Antonio Banderas is having a hard day at the office: he has just died. He has wrapped one of the last days of shooting in Budapest for Genius: Picasso, the new series in which he plays the Spanish artist. Today, he shot Picasso’s death in 1973 at his hilltop villa in Notre Dame de Vie; the house has been recreated on the outskirts of the Hungarian capital.

The wigs, makeup and prosthetics that transformed him into a 91-year-old have been removed. To become Picasso, his face had to be a blank canvas. His head was shaved, as were his eyebrows. “I’m very tired,” he says, looking like the world’s most glamorous Mr Potato Head. “But being tired is my natural state; I operate and do my life there, in that department.”

The project itself — a five-month shoot, mostly on location — has not helped his lethargy. “There are two types of tiredness: the ‘day tiredness’, because I came here at 4am to start a four-hour makeup process, and the ‘October-to-here tiredness’, which is a long-term thing. It’s more intellectual than anything.”

Banderas with Elena Anaya in The Skin I Live In, a 2011 Spanish psychological horror film written and directed by Pedro Almodóvar Cannes Film Festival EPA

Even at 57, tired intellectually or otherwise — and with no hair or eyebrows — he is still Banderas the movie star. The dark, brooding, yet boyish good looks that gave him his reductive “Latin lover” have turned into something more mature.

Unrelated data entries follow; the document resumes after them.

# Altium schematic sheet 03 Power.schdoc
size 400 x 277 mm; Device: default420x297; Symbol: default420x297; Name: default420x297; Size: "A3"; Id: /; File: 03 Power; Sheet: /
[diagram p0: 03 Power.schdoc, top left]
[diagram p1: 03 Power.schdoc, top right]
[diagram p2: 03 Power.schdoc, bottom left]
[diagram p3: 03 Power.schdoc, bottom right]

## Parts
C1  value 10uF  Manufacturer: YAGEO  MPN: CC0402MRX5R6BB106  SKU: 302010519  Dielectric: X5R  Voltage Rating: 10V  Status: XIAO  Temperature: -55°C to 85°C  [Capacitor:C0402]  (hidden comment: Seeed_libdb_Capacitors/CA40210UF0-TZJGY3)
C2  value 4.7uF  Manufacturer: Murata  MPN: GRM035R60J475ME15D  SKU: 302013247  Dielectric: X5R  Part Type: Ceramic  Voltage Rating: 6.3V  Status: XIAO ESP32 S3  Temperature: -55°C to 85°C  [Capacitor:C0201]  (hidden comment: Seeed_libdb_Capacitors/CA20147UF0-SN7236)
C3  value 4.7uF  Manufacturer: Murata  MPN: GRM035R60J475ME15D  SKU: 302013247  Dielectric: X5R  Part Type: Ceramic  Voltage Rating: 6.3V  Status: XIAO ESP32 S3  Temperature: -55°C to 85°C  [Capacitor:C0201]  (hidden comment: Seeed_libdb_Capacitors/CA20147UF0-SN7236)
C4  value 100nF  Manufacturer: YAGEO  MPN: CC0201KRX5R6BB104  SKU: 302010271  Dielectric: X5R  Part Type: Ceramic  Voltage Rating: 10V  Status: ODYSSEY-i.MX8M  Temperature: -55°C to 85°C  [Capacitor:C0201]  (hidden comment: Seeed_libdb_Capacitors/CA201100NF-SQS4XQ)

In the publicity for the National Geographic show (which follows another Genius series about Albert Einstein, starring Geoffrey Rush), producer Ron Howard talks about how Banderas was a natural choice. Both the actor and Picasso are from Málaga. “He was born two blocks away from where I was born,” says Banderas. “I walked to school with my mother and she’d point out his house and say: ‘Picasso was born here’.”

On set, about 100 extras mill around in vintage 1970s outfits, and I am shown around the vast wardrobe marquees that had to span the nine decades of Picasso’s life. It is a huge operation and, for Banderas, it is clearly a project about which he is passionate.

“When I started seeing his paintings, the thing that fascinated me when I was very little — seven or eight years old — is the same thing; that fascinates me now: the facility he had for different styles,” he says. “There are many painters who are very good: Henri Matisse, Georges Braque, Juan Gris, but none of them had the capacity to go through so many styles and survive all of them successfully.”

Banderas has something in common with Picasso in that respect. He started in theatre in Málaga after an injury put paid to hopes of a football career, then he moved to Madrid and was spotted in the street by Pedro Almodóvar. The pair worked together on five films. The projects established Almodóvar as Spain’s most internationally respected filmmaker and put Banderas on Hollywood’s radar. Avant garde at the outset in Spain (Tie Me Up! Tie Me Down!, Women on the Verge of a Nervous Breakdown), he mixed prestigious (Philadelphia) and pulpy (Desperado, Once Upon a Time in Mexico) when he first moved to the United States, before breathing new life into Zorro. In recent years, he has carved out a lucrative meta niche by playing caricatured versions of his best-known characters — usually in animated form, in Shrek, its spin-off, Puss in Boots, and Sponge Bob Square Pants.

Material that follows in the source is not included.